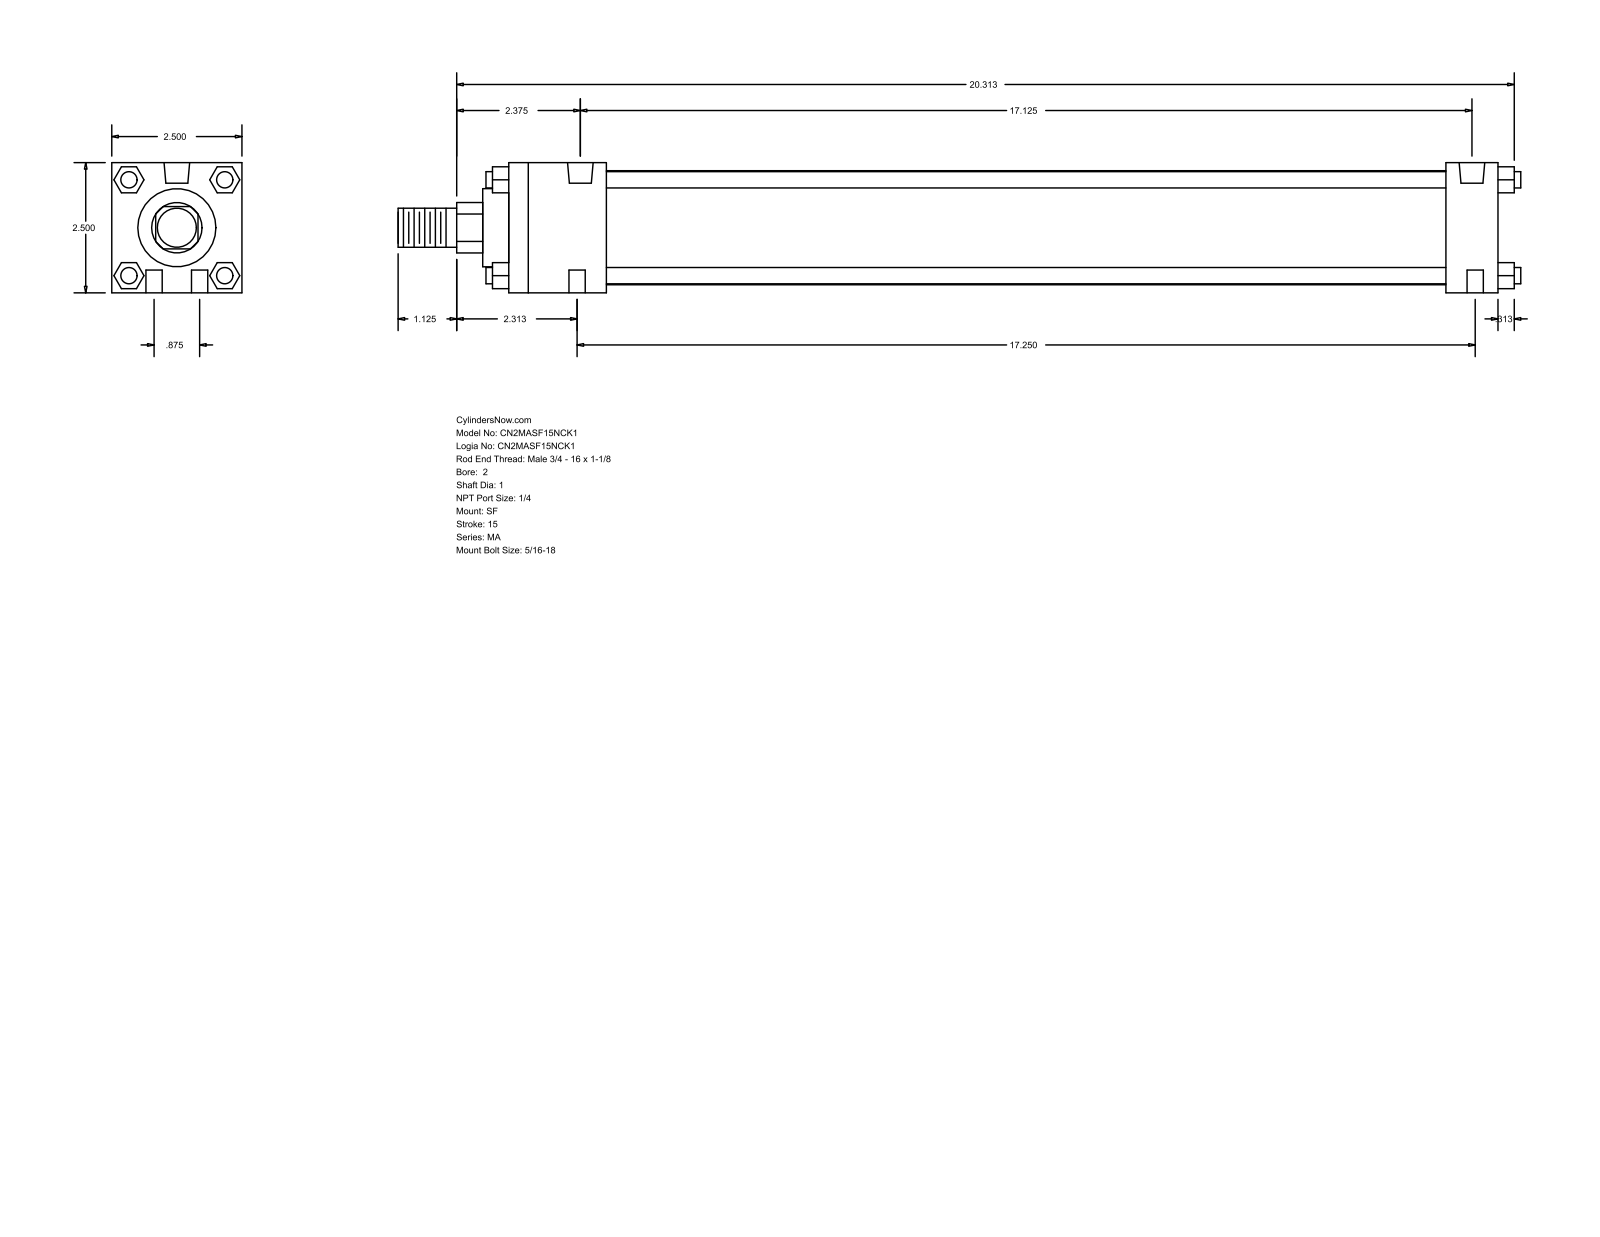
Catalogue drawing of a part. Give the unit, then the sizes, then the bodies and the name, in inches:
Units: inches
Overall size (bounding box): 21.563 × 2.5 × 2.5
Round holes (diameter × count): ⌀0.313 ×6, ⌀0.492 ×2
Round bosses / shafts (diameter × count): ⌀0.313 ×4, ⌀2.19 ×1, ⌀1.5 ×1, ⌀1 ×1, ⌀0.75 ×1
Partial cylindrical surfaces — rounded edges, fillets, slot ends (radius × count): R0.484 ×1
Main face-to-face distances: 2.5, 19, 0.5, 1, 18, 1.875, 16.125, 17.125, 0.92, 1.593
Hole centre spacings: 0.442, 17.193, 0.875, 17.125, 17.25, 17.272
Bodies: 0 solids, 124 faces (94 planar, 30 cylindrical, 0 other)
Part name (STEP PRODUCT): MA_SF__0200_1
STEP written by: GSSL Pune (CONFIG_CONTROL_DESIGN)
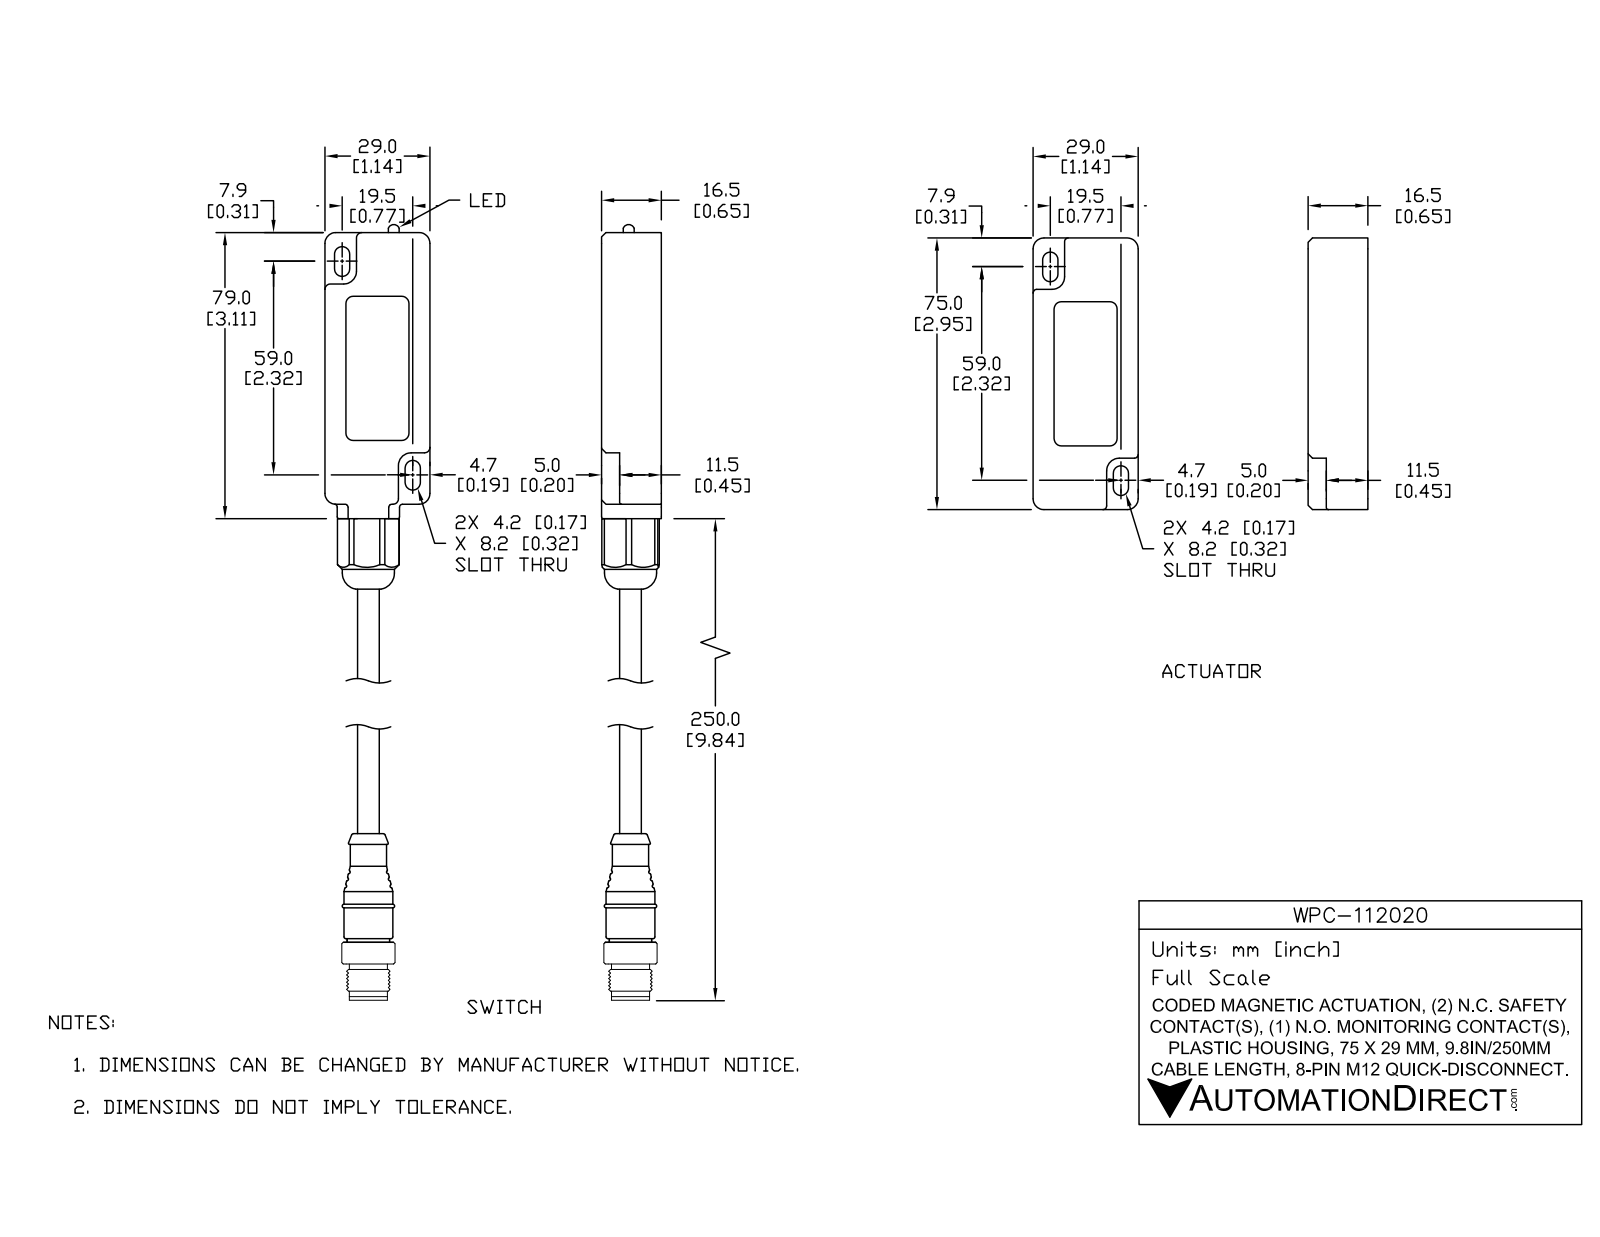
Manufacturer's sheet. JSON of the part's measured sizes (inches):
{"part_name": "WPC-112020_1; WPC-112020; WPC-112020_2", "step_written_by": "SolidWorks 2017 (AUTOMOTIVE_DESIGN)", "units": "inches", "bodies": {"solids": 12, "faces": 1311, "planar": 577, "cylindrical": 358, "other": 376}, "overall_size": [13.039, 2.323, 0.65], "volume_in3": 2.632, "surface_area_in2": 65.51, "round_holes": [[0.195, 4], [0.118, 1], [0.276, 1], [0.327, 1], [0.465, 1], [0.472, 1]], "round_bosses_or_shafts": [[0.031, 10], [0.193, 4], [0.079, 4], [0.091, 2], [0.567, 1], [0.531, 1], [0.469, 1], [0.461, 1]], "partial_cylinders_radius": [[0.02, 85], [0.039, 20], [0.008, 10], [0.047, 8], [0.079, 8], [0.083, 8], [0.118, 8], [0.024, 4]], "face_to_face_distances": [0.071, 0.575, 1.181, 1.071, 0.646, 0.067, 0.571, 0.075, 0.504, 0.579], "hole_center_spacings": [2.047, 0.276, 0.9, 1.459, 2.344, 2.347]}
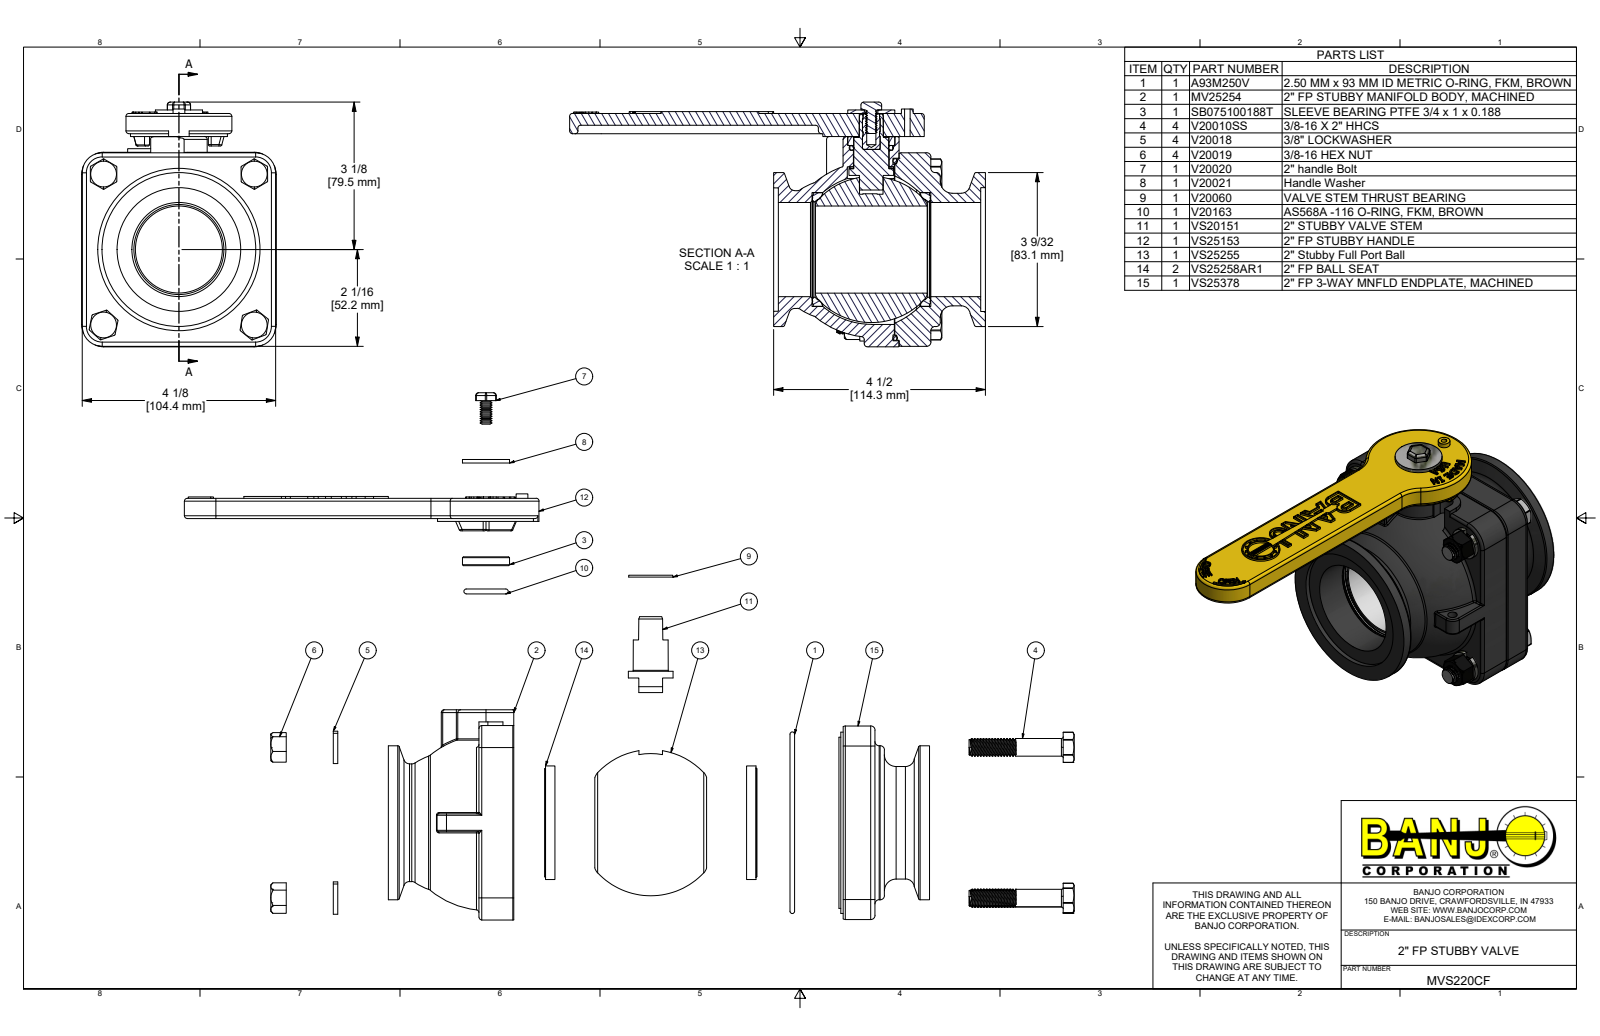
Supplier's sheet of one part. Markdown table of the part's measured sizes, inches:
| quantity | value |
| --- | --- |
| part name | MVS220CF; MV25254; MV25254X; VS20151 (+8 more) |
| STEP written by | Autodesk Inventor 2022 (AUTOMOTIVE_DESIGN) |
| units | inches |
| bodies | 26 solids, 1862 faces (601 planar, 565 cylindrical, 696 other) |
| overall size | 8.835 × 5.196 × 4.13 |
| volume | 36.73 in³ |
| surface area | 279.5 in² |
| round holes (diameter × count) | 0.375 × 5, 0.307 × 4, 0.385 × 4, 0.455 × 4, 0.46 × 4, 0.2 × 2, 0.118 × 1, 0.196 × 1, 0.281 × 1, 0.351 × 1, 0.544 × 1, 0.75 × 1 |
| round bosses / shafts (diameter × count) | 0.324 × 60, 0.687 × 4, 0.375 × 4, 3.85 × 1, 3.635 × 1, 3.625 × 1, 3.27 × 1, 2.5 × 1 |
| partial cylindrical surfaces (radius × count) | 0.06 × 31, 0.03 × 22, 0.09 × 8, 0.162 × 8, 0.32 × 4, 0.425 × 4, 0.468 × 4, 0.2 × 3 |
| main face-to-face distances | 4.12, 0.675, 2.565, 0.25, 0.1, 1.825, 2.475, 1.415, 0.74, 4.11 |
| hole center spacings | 3.202, 2.263, 2.265, 3.2, 3.204, 4.528, 2.041, 2.457 |

PROBLEM DESCRIPTION >> Pictures are to be dropped, and every record is to be copied exactly.

FINAL ANSWER >>
Catalogue drawing of a part. Give the unit, then the sizes, then the bodies and the name, in inches:
Units: inches
Overall size (bounding box): 21.563 × 2.5 × 2.5
Round holes (diameter × count): ⌀0.313 ×6, ⌀0.492 ×2
Round bosses / shafts (diameter × count): ⌀0.313 ×4, ⌀2.19 ×1, ⌀1.5 ×1, ⌀1 ×1, ⌀0.75 ×1
Partial cylindrical surfaces — rounded edges, fillets, slot ends (radius × count): R0.484 ×1
Main face-to-face distances: 2.5, 19, 0.5, 1, 18, 1.875, 16.125, 17.125, 0.92, 1.593
Hole centre spacings: 0.442, 17.193, 0.875, 17.125, 17.25, 17.272
Bodies: 0 solids, 124 faces (94 planar, 30 cylindrical, 0 other)
Part name (STEP PRODUCT): MA_SF__0200_1
STEP written by: GSSL Pune (CONFIG_CONTROL_DESIGN)
Manufacturer's sheet. JSON of the part's measured sizes (inches):
{"part_name": "WPC-112020_1; WPC-112020; WPC-112020_2", "step_written_by": "SolidWorks 2017 (AUTOMOTIVE_DESIGN)", "units": "inches", "bodies": {"solids": 12, "faces": 1311, "planar": 577, "cylindrical": 358, "other": 376}, "overall_size": [13.039, 2.323, 0.65], "volume_in3": 2.632, "surface_area_in2": 65.51, "round_holes": [[0.195, 4], [0.118, 1], [0.276, 1], [0.327, 1], [0.465, 1], [0.472, 1]], "round_bosses_or_shafts": [[0.031, 10], [0.193, 4], [0.079, 4], [0.091, 2], [0.567, 1], [0.531, 1], [0.469, 1], [0.461, 1]], "partial_cylinders_radius": [[0.02, 85], [0.039, 20], [0.008, 10], [0.047, 8], [0.079, 8], [0.083, 8], [0.118, 8], [0.024, 4]], "face_to_face_distances": [0.071, 0.575, 1.181, 1.071, 0.646, 0.067, 0.571, 0.075, 0.504, 0.579], "hole_center_spacings": [2.047, 0.276, 0.9, 1.459, 2.344, 2.347]}
Supplier's sheet of one part. Markdown table of the part's measured sizes, inches:
| quantity | value |
| --- | --- |
| part name | MVS220CF; MV25254; MV25254X; VS20151 (+8 more) |
| STEP written by | Autodesk Inventor 2022 (AUTOMOTIVE_DESIGN) |
| units | inches |
| bodies | 26 solids, 1862 faces (601 planar, 565 cylindrical, 696 other) |
| overall size | 8.835 × 5.196 × 4.13 |
| volume | 36.73 in³ |
| surface area | 279.5 in² |
| round holes (diameter × count) | 0.375 × 5, 0.307 × 4, 0.385 × 4, 0.455 × 4, 0.46 × 4, 0.2 × 2, 0.118 × 1, 0.196 × 1, 0.281 × 1, 0.351 × 1, 0.544 × 1, 0.75 × 1 |
| round bosses / shafts (diameter × count) | 0.324 × 60, 0.687 × 4, 0.375 × 4, 3.85 × 1, 3.635 × 1, 3.625 × 1, 3.27 × 1, 2.5 × 1 |
| partial cylindrical surfaces (radius × count) | 0.06 × 31, 0.03 × 22, 0.09 × 8, 0.162 × 8, 0.32 × 4, 0.425 × 4, 0.468 × 4, 0.2 × 3 |
| main face-to-face distances | 4.12, 0.675, 2.565, 0.25, 0.1, 1.825, 2.475, 1.415, 0.74, 4.11 |
| hole center spacings | 3.202, 2.263, 2.265, 3.2, 3.204, 4.528, 2.041, 2.457 |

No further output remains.